WHAT THE TASK REQUIRES: Every record that follows must be returned word for word.

BEGIN SOURCE DATA

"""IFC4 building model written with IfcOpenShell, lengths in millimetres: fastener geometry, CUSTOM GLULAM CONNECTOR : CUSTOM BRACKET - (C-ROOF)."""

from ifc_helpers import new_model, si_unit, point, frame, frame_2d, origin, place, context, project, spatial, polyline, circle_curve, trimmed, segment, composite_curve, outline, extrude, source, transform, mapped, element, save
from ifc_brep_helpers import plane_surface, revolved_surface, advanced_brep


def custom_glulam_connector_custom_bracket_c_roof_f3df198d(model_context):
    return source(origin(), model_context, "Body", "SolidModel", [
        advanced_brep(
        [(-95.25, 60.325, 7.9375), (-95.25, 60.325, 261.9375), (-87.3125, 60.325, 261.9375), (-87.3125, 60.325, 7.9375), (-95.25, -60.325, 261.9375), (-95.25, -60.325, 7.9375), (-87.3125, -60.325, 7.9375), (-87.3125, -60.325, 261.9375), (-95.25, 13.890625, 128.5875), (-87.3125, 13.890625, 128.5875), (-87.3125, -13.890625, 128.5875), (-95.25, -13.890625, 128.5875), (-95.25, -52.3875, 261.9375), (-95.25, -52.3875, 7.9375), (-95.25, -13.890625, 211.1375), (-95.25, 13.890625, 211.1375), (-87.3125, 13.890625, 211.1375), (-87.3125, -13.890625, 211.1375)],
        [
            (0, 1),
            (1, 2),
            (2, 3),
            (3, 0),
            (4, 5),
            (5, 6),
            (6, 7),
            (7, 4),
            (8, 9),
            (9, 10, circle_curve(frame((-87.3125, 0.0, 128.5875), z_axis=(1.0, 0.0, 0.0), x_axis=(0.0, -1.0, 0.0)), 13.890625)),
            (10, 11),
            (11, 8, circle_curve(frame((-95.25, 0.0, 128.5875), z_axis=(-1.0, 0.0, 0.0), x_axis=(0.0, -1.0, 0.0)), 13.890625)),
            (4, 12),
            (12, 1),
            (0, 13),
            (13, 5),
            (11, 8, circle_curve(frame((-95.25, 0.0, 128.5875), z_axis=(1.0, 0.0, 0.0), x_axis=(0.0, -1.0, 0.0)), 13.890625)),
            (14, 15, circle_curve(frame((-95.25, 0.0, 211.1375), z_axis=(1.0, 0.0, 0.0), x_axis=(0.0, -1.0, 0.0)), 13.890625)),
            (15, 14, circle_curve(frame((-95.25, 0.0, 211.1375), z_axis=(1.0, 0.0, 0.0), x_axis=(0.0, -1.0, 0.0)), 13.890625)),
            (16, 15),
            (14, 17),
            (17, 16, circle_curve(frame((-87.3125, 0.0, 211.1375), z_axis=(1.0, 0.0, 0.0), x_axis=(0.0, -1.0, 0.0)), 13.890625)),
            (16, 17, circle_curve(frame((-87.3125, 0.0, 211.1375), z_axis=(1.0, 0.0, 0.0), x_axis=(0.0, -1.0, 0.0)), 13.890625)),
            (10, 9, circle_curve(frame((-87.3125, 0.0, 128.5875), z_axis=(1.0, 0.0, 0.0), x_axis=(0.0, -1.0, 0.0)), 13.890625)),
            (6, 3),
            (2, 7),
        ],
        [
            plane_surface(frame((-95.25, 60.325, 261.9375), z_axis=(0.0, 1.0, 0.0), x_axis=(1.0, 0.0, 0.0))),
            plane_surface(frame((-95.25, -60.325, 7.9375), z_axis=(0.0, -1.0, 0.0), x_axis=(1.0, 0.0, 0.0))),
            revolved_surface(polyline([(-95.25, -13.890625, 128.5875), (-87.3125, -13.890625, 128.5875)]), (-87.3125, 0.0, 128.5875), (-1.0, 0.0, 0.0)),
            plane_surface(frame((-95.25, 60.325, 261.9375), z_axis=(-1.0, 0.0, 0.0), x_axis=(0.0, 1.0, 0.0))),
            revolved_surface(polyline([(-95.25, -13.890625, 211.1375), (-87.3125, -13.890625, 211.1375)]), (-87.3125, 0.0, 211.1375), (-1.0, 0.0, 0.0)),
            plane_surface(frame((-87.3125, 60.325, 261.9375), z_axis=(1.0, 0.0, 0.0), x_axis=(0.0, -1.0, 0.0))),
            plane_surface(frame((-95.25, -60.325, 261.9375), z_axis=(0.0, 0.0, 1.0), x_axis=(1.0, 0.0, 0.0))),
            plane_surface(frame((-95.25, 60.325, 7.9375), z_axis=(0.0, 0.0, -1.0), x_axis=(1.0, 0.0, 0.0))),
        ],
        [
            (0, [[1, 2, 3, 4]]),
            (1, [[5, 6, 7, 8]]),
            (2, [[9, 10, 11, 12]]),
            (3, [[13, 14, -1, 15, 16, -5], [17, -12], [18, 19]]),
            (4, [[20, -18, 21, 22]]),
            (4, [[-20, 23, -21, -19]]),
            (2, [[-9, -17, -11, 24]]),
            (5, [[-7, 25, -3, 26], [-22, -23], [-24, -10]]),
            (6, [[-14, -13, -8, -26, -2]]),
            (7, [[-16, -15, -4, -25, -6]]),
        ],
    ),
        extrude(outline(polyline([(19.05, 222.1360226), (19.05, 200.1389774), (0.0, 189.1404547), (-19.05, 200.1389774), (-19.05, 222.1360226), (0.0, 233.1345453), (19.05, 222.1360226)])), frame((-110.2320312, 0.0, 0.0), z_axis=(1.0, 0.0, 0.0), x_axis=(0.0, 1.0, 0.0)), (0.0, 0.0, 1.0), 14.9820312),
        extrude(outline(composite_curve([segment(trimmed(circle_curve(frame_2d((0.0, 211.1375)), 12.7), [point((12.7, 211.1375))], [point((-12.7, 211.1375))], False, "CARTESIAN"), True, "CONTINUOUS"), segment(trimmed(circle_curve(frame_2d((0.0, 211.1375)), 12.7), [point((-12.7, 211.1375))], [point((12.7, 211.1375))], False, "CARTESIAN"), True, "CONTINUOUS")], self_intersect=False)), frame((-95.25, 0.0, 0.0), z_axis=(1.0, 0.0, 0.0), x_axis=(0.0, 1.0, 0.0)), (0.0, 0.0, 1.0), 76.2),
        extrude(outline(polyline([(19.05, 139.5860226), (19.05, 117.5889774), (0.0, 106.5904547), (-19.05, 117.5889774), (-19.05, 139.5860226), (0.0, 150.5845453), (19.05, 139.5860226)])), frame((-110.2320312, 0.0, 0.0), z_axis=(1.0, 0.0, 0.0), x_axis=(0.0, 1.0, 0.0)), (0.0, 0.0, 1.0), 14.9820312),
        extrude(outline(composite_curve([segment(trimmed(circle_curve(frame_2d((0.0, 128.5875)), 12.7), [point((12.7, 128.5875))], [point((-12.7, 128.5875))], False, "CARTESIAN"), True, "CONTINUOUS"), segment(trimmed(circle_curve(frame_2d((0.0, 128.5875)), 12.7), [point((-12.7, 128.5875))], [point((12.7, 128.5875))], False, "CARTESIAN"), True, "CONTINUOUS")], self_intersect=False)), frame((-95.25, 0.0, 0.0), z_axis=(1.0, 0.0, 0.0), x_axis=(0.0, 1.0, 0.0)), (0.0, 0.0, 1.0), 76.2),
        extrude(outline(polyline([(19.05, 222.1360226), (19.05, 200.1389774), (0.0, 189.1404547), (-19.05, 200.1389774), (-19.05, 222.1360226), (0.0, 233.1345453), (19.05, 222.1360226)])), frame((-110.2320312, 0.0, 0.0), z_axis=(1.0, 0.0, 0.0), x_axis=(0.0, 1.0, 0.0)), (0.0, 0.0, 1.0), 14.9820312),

END SOURCE DATA

OUTPUT BELOW:
"""IFC4 building model written with IfcOpenShell, lengths in millimetres: fastener geometry, CUSTOM GLULAM CONNECTOR : CUSTOM BRACKET - (C-ROOF)."""

from ifc_helpers import new_model, si_unit, point, frame, frame_2d, origin, place, context, project, spatial, polyline, circle_curve, trimmed, segment, composite_curve, outline, extrude, source, transform, mapped, element, save
from ifc_brep_helpers import plane_surface, revolved_surface, advanced_brep


def custom_glulam_connector_custom_bracket_c_roof_f3df198d(model_context):
    return source(origin(), model_context, "Body", "SolidModel", [
        advanced_brep(
        [(-95.25, 60.325, 7.9375), (-95.25, 60.325, 261.9375), (-87.3125, 60.325, 261.9375), (-87.3125, 60.325, 7.9375), (-95.25, -60.325, 261.9375), (-95.25, -60.325, 7.9375), (-87.3125, -60.325, 7.9375), (-87.3125, -60.325, 261.9375), (-95.25, 13.890625, 128.5875), (-87.3125, 13.890625, 128.5875), (-87.3125, -13.890625, 128.5875), (-95.25, -13.890625, 128.5875), (-95.25, -52.3875, 261.9375), (-95.25, -52.3875, 7.9375), (-95.25, -13.890625, 211.1375), (-95.25, 13.890625, 211.1375), (-87.3125, 13.890625, 211.1375), (-87.3125, -13.890625, 211.1375)],
        [
            (0, 1),
            (1, 2),
            (2, 3),
            (3, 0),
            (4, 5),
            (5, 6),
            (6, 7),
            (7, 4),
            (8, 9),
            (9, 10, circle_curve(frame((-87.3125, 0.0, 128.5875), z_axis=(1.0, 0.0, 0.0), x_axis=(0.0, -1.0, 0.0)), 13.890625)),
            (10, 11),
            (11, 8, circle_curve(frame((-95.25, 0.0, 128.5875), z_axis=(-1.0, 0.0, 0.0), x_axis=(0.0, -1.0, 0.0)), 13.890625)),
            (4, 12),
            (12, 1),
            (0, 13),
            (13, 5),
            (11, 8, circle_curve(frame((-95.25, 0.0, 128.5875), z_axis=(1.0, 0.0, 0.0), x_axis=(0.0, -1.0, 0.0)), 13.890625)),
            (14, 15, circle_curve(frame((-95.25, 0.0, 211.1375), z_axis=(1.0, 0.0, 0.0), x_axis=(0.0, -1.0, 0.0)), 13.890625)),
            (15, 14, circle_curve(frame((-95.25, 0.0, 211.1375), z_axis=(1.0, 0.0, 0.0), x_axis=(0.0, -1.0, 0.0)), 13.890625)),
            (16, 15),
            (14, 17),
            (17, 16, circle_curve(frame((-87.3125, 0.0, 211.1375), z_axis=(1.0, 0.0, 0.0), x_axis=(0.0, -1.0, 0.0)), 13.890625)),
            (16, 17, circle_curve(frame((-87.3125, 0.0, 211.1375), z_axis=(1.0, 0.0, 0.0), x_axis=(0.0, -1.0, 0.0)), 13.890625)),
            (10, 9, circle_curve(frame((-87.3125, 0.0, 128.5875), z_axis=(1.0, 0.0, 0.0), x_axis=(0.0, -1.0, 0.0)), 13.890625)),
            (6, 3),
            (2, 7),
        ],
        [
            plane_surface(frame((-95.25, 60.325, 261.9375), z_axis=(0.0, 1.0, 0.0), x_axis=(1.0, 0.0, 0.0))),
            plane_surface(frame((-95.25, -60.325, 7.9375), z_axis=(0.0, -1.0, 0.0), x_axis=(1.0, 0.0, 0.0))),
            revolved_surface(polyline([(-95.25, -13.890625, 128.5875), (-87.3125, -13.890625, 128.5875)]), (-87.3125, 0.0, 128.5875), (-1.0, 0.0, 0.0)),
            plane_surface(frame((-95.25, 60.325, 261.9375), z_axis=(-1.0, 0.0, 0.0), x_axis=(0.0, 1.0, 0.0))),
            revolved_surface(polyline([(-95.25, -13.890625, 211.1375), (-87.3125, -13.890625, 211.1375)]), (-87.3125, 0.0, 211.1375), (-1.0, 0.0, 0.0)),
            plane_surface(frame((-87.3125, 60.325, 261.9375), z_axis=(1.0, 0.0, 0.0), x_axis=(0.0, -1.0, 0.0))),
            plane_surface(frame((-95.25, -60.325, 261.9375), z_axis=(0.0, 0.0, 1.0), x_axis=(1.0, 0.0, 0.0))),
            plane_surface(frame((-95.25, 60.325, 7.9375), z_axis=(0.0, 0.0, -1.0), x_axis=(1.0, 0.0, 0.0))),
        ],
        [
            (0, [[1, 2, 3, 4]]),
            (1, [[5, 6, 7, 8]]),
            (2, [[9, 10, 11, 12]]),
            (3, [[13, 14, -1, 15, 16, -5], [17, -12], [18, 19]]),
            (4, [[20, -18, 21, 22]]),
            (4, [[-20, 23, -21, -19]]),
            (2, [[-9, -17, -11, 24]]),
            (5, [[-7, 25, -3, 26], [-22, -23], [-24, -10]]),
            (6, [[-14, -13, -8, -26, -2]]),
            (7, [[-16, -15, -4, -25, -6]]),
        ],
    ),
        extrude(outline(polyline([(19.05, 222.1360226), (19.05, 200.1389774), (0.0, 189.1404547), (-19.05, 200.1389774), (-19.05, 222.1360226), (0.0, 233.1345453), (19.05, 222.1360226)])), frame((-110.2320312, 0.0, 0.0), z_axis=(1.0, 0.0, 0.0), x_axis=(0.0, 1.0, 0.0)), (0.0, 0.0, 1.0), 14.9820312),
        extrude(outline(composite_curve([segment(trimmed(circle_curve(frame_2d((0.0, 211.1375)), 12.7), [point((12.7, 211.1375))], [point((-12.7, 211.1375))], False, "CARTESIAN"), True, "CONTINUOUS"), segment(trimmed(circle_curve(frame_2d((0.0, 211.1375)), 12.7), [point((-12.7, 211.1375))], [point((12.7, 211.1375))], False, "CARTESIAN"), True, "CONTINUOUS")], self_intersect=False)), frame((-95.25, 0.0, 0.0), z_axis=(1.0, 0.0, 0.0), x_axis=(0.0, 1.0, 0.0)), (0.0, 0.0, 1.0), 76.2),
        extrude(outline(polyline([(19.05, 139.5860226), (19.05, 117.5889774), (0.0, 106.5904547), (-19.05, 117.5889774), (-19.05, 139.5860226), (0.0, 150.5845453), (19.05, 139.5860226)])), frame((-110.2320312, 0.0, 0.0), z_axis=(1.0, 0.0, 0.0), x_axis=(0.0, 1.0, 0.0)), (0.0, 0.0, 1.0), 14.9820312),
        extrude(outline(composite_curve([segment(trimmed(circle_curve(frame_2d((0.0, 128.5875)), 12.7), [point((12.7, 128.5875))], [point((-12.7, 128.5875))], False, "CARTESIAN"), True, "CONTINUOUS"), segment(trimmed(circle_curve(frame_2d((0.0, 128.5875)), 12.7), [point((-12.7, 128.5875))], [point((12.7, 128.5875))], False, "CARTESIAN"), True, "CONTINUOUS")], self_intersect=False)), frame((-95.25, 0.0, 0.0), z_axis=(1.0, 0.0, 0.0), x_axis=(0.0, 1.0, 0.0)), (0.0, 0.0, 1.0), 76.2),
        extrude(outline(polyline([(19.05, 222.1360226), (19.05, 200.1389774), (0.0, 189.1404547), (-19.05, 200.1389774), (-19.05, 222.1360226), (0.0, 233.1345453), (19.05, 222.1360226)])), frame((-110.2320312, 0.0, 0.0), z_axis=(1.0, 0.0, 0.0), x_axis=(0.0, 1.0, 0.0)), (0.0, 0.0, 1.0), 14.9820312),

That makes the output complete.